From b758c2723acd9228dd87afa324ffe97647abcb0c Mon Sep 17 00:00:00 2001
From: SlightwindSec <caoyi31@huawei.com>
Date: Tue, 27 May 2025 23:05:21 +0800
Subject: [PATCH 7/7] add VLLM_ENABLE_FIXED_ALL_TO_ALL_BUFFER feature

---
 vllm_ascend/envs.py                      |   2 +
 vllm_ascend/ops/fused_moe.py             |   1 +
 vllm_ascend/quantization/w8a8_dynamic.py | 236 ++++++++++++++++-------
 3 files changed, 171 insertions(+), 68 deletions(-)

diff --git a/vllm_ascend/envs.py b/vllm_ascend/envs.py
index 8e1cc1c16..39d81f4ee 100644
--- a/vllm_ascend/envs.py
+++ b/vllm_ascend/envs.py
@@ -36,6 +36,8 @@
     lambda: bool(int(os.getenv("COMPILE_CUSTOM_KERNELS", "1"))),
     "VLLM_ENABLE_MC2":
     lambda: bool(int(os.getenv("VLLM_ENABLE_MC2", '0'))),
+    "VLLM_ENABLE_FIXED_ALL_TO_ALL_BUFFER":
+    lambda: bool(int(os.getenv("VLLM_ENABLE_FIXED_ALL_TO_ALL_BUFFER", '0'))),
     "USING_LCCL_COM":
     lambda: bool(int(os.getenv("USING_LCCL_COM", '0'))),
     "SOC_VERSION":
diff --git a/vllm_ascend/ops/fused_moe.py b/vllm_ascend/ops/fused_moe.py
index bc3b86b65..f2214a9f6 100644
--- a/vllm_ascend/ops/fused_moe.py
+++ b/vllm_ascend/ops/fused_moe.py
@@ -767,6 +767,7 @@ def __init__(
         self.e_score_correction_bias = e_score_correction_bias
         self.expert_map = None
         self.activation = activation
+        self.max_model_len = vllm_config.model_config.max_model_len
 
         if self.ep_size > 1:
             # Create a tensor of size num_experts filled with -1
diff --git a/vllm_ascend/quantization/w8a8_dynamic.py b/vllm_ascend/quantization/w8a8_dynamic.py
index b262d3caa..8eaf73240 100644
--- a/vllm_ascend/quantization/w8a8_dynamic.py
+++ b/vllm_ascend/quantization/w8a8_dynamic.py
@@ -27,6 +27,7 @@
 from vllm_ascend.ops.fused_moe import select_experts
 
 VLLM_ENABLE_MC2: bool = envs_ascend.VLLM_ENABLE_MC2
+VLLM_ENABLE_FIXED_ALL_TO_ALL_BUFFER: bool = envs_ascend.VLLM_ENABLE_FIXED_ALL_TO_ALL_BUFFER
 
 
 def process_topk_ids(topk_ids: torch.Tensor, expert_num: int, ep_size: int,
@@ -58,16 +59,13 @@ def process_topk_ids(topk_ids: torch.Tensor, expert_num: int, ep_size: int,
                         experts_per_ep_rank_val).to(original_dtype)

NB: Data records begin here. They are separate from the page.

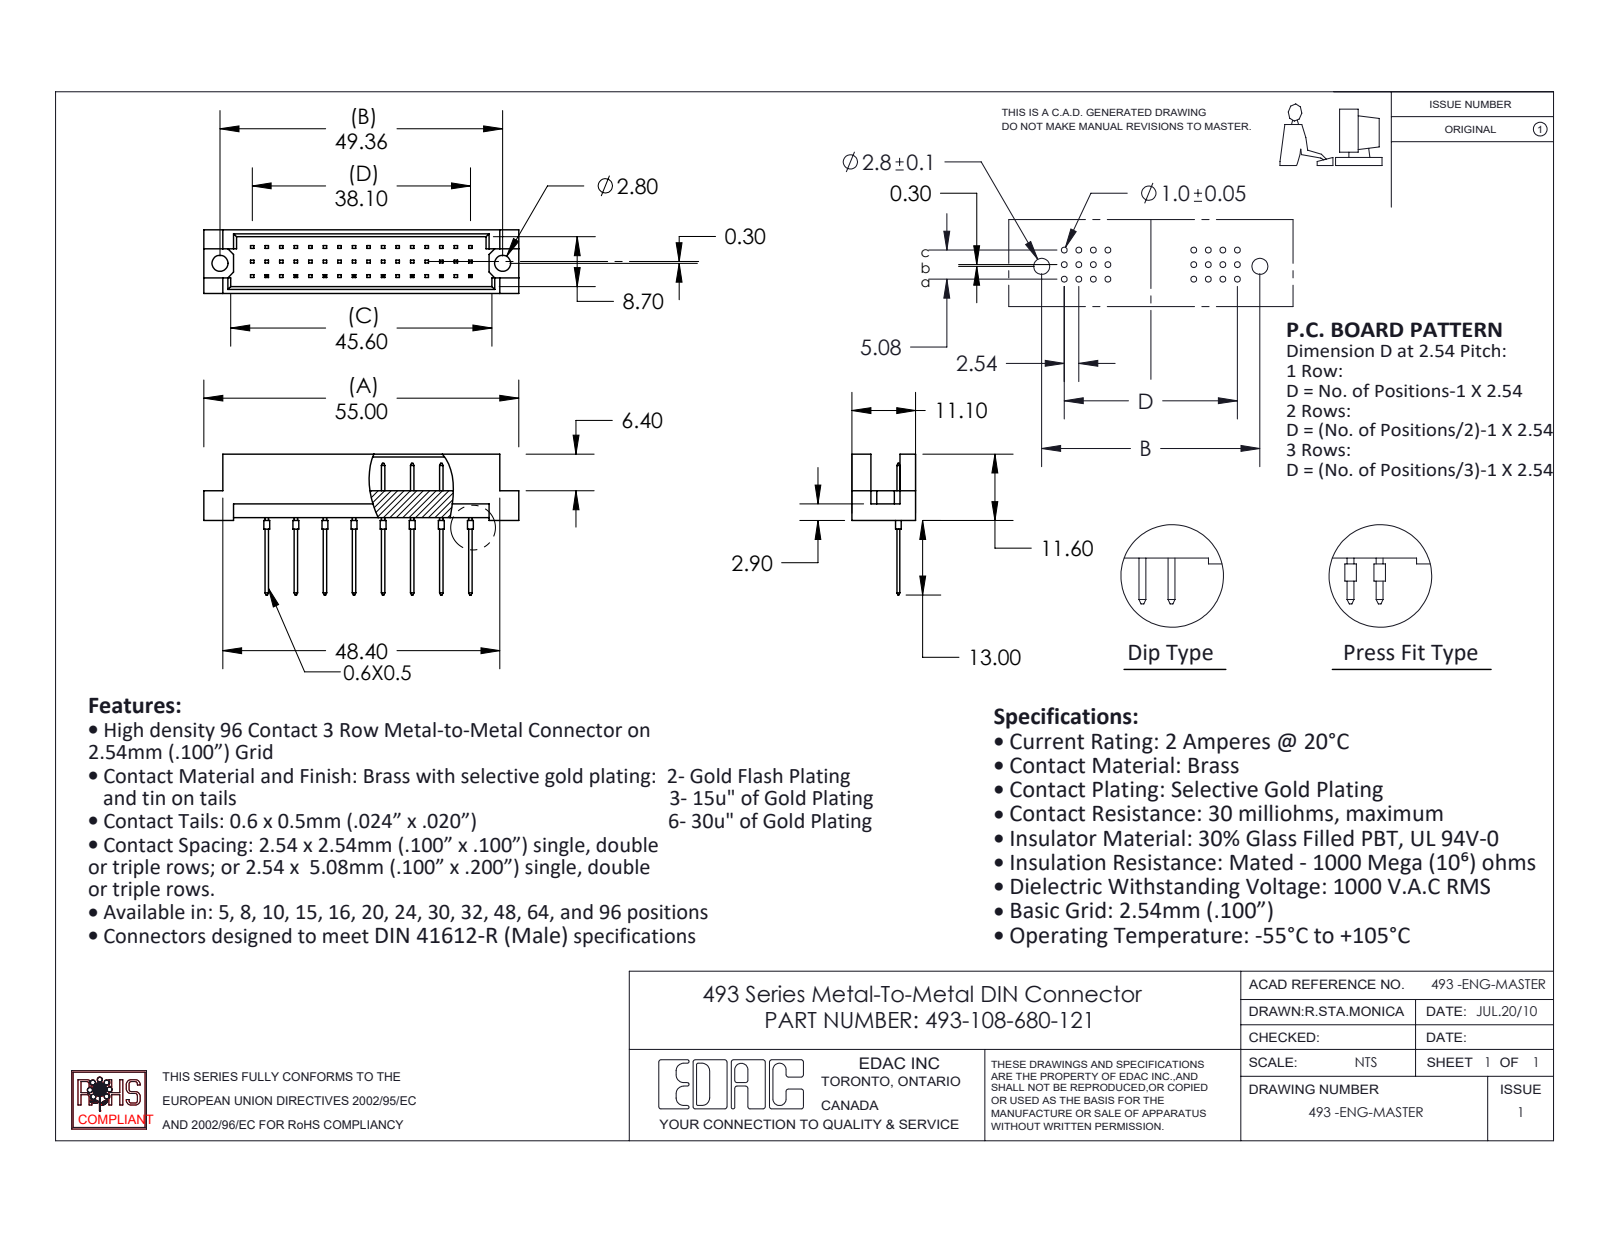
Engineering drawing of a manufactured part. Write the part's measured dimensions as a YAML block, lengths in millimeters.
part_name: "493 Part_48; 493-108-680-122; 493-290_80"
step_written_by: "SolidWorks 2020 (CONFIG_CONTROL_DESIGN)"
units: millimeters
bodies: {solids: 9, faces: 420, planar: 400, cylindrical: 20, other: 0}
overall_size: [55, 24.6, 11.1]
volume: 3333
surface_area: 4177
round_holes:
  - {diameter: 2.8, count: 2}
round_bosses_or_shafts:
  - {diameter: 1, count: 8}
face_to_face_distances: [1.2, 9.9, 11.1, 8.7, 4.7, 0.5, 5.08, 2.76, 8.34, 1.56]
hole_center_spacings: [49.36]
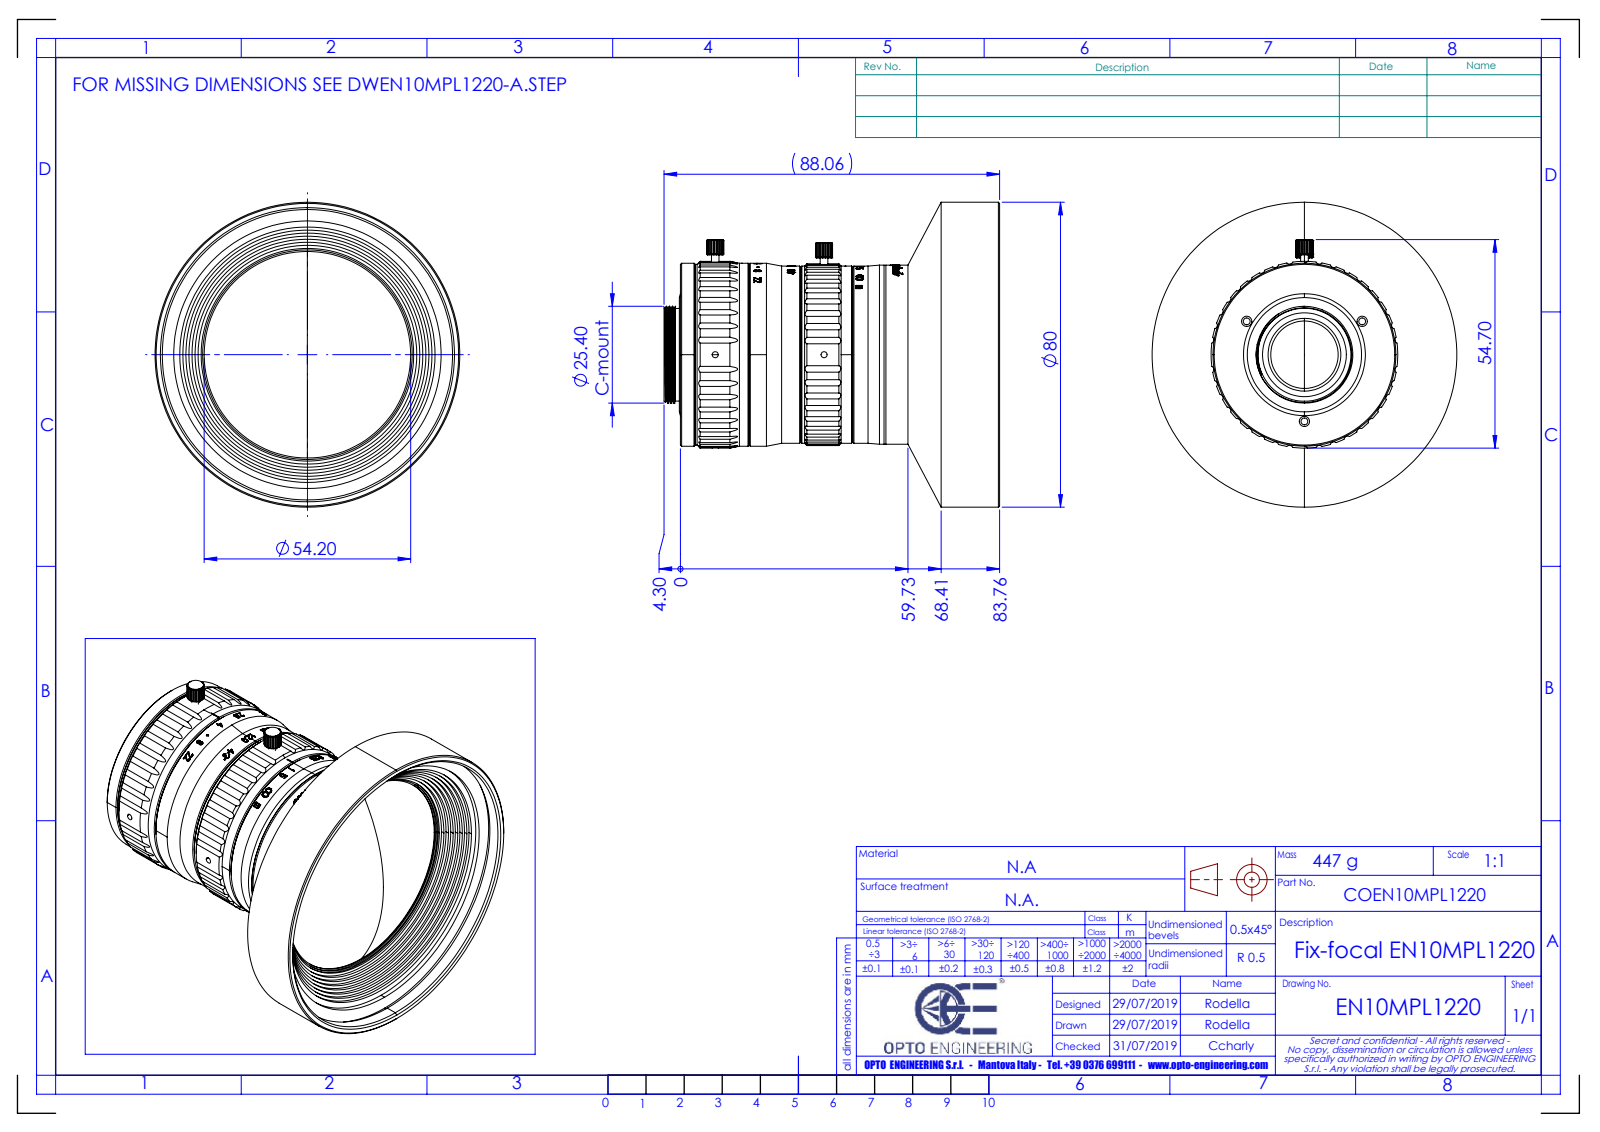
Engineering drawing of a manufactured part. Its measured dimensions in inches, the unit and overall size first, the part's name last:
Units: inches
Overall size (bounding box): 3.467 × 3.15 × 3.15
Round holes (diameter × count): ⌀0.063 ×4, ⌀0.071 ×3, ⌀0.106 ×3, ⌀0.043 ×2, ⌀0.697 ×1, ⌀0.866 ×1, ⌀1.512 ×1, ⌀1.543 ×1, ⌀1.591 ×1, ⌀1.732 ×1, ⌀1.764 ×1, ⌀2.134 ×1
Round bosses / shafts (diameter × count): ⌀0.079 ×2, ⌀3.15 ×1, ⌀1.89 ×1, ⌀1.866 ×1, ⌀1.85 ×1, ⌀1.849 ×1, ⌀1.831 ×1, ⌀1.724 ×1
Partial cylindrical surfaces — rounded edges, fillets, slot ends (radius × count): R0.039 ×72, R0.059 ×4, R0.089 ×2, R0.898 ×1, R0.913 ×1, R0.914 ×1, R0.923 ×1, R0.939 ×1
Main face-to-face distances: 1.07, 0.538, 0.532, 1.781, 1.243, 0.711, 1.34, 1.878, 2.41, 3.12
Hole centre spacings: 0.689, 0.68, 0.835, 0.863, 1.124, 1.193, 1.52, 0.236
Volume: 8.333 in³ · Surface area: 66.55 in²
Bodies: 8 solids, 1923 faces (489 planar, 369 cylindrical, 1065 other)
Part name (STEP PRODUCT): FAL0011-0E-101-WX; FAL0011-0E-104; FAL0011-0E-105-WX; FAL0011-0E-106 (+4 more)
STEP written by: PRO/ENGINEER BY PARAMETRIC TECHNOLOGY CORPORATION, 2013230 (CONFIG_CONTROL_DESIGN)

     indices_arange = torch.arange(topk_ids.shape[0], device=device)
 
-    is_new_segment = torch.cat(
-        (torch.tensor([True], device=device), assigned_ep_rank[1:]
-         != assigned_ep_rank[:-1]))
+    is_new_segment = torch.cat((torch.tensor([True], device=device),
+                                assigned_ep_rank[1:] != assigned_ep_rank[:-1]))

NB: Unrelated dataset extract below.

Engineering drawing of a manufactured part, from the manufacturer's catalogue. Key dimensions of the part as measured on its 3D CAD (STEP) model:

     temp_start_markers = torch.full_like(indices_arange,
                                          -1,
                                          dtype=indices_arange.dtype)
     temp_start_markers[is_new_segment] = indices_arange[is_new_segment]
-    start_offset_for_each_token = torch.cummax(temp_start_markers.float(),
-                                               dim=0)[0].to(
-                                                   temp_start_markers.dtype)
+    start_offset_for_each_token = torch.cummax(temp_start_markers, dim=0)[0]
     token_intra_ep_rank_idx = indices_arange - start_offset_for_each_token
     is_kept_mask = token_intra_ep_rank_idx < max_row_per_ep_rank
     cumsum_kept = torch.cumsum(is_kept_mask.float(), dim=0).to(torch.long)
@@ -303,48 +301,28 @@ def fused_experts_with_all2all(
             expert_idx=topk_ids,
             active_num=num_tokens)
 
-        local_buffer_rows = (num_tokens // ep_group.world_size +
-                             1) * ep_group.world_size * top_k * 2
-        max_row_per_ep_rank = local_buffer_rows // ep_group.world_size
-        expert_idx_buffer_scatter, unpad_indices = process_topk_ids(
-            expanded_expert_idx, global_num_experts, ep_group.world_size,
-            max_row_per_ep_rank, num_tokens, top_k)
-        hidden_states_pad_idx = torch.zeros(
-            expert_idx_buffer_scatter.shape,
-            dtype=expert_idx_buffer_scatter.dtype,
-            device=expert_idx_buffer_scatter.device)
-        non_pad_len = torch.sum((expert_idx_buffer_scatter
-                                 != global_num_experts).to(torch.int32))
-        hidden_states_pad_idx[expert_idx_buffer_scatter !=
-                              global_num_experts] = torch.arange(
-                                  non_pad_len,
-                                  dtype=expert_idx_buffer_scatter.dtype,
-                                  device=hidden_states.device)
-        expert_idx_buffer_gather = torch.empty_like(
-            expert_idx_buffer_scatter,
-            dtype=expert_idx_buffer_scatter.dtype,
-            device=expert_idx_buffer_scatter.device)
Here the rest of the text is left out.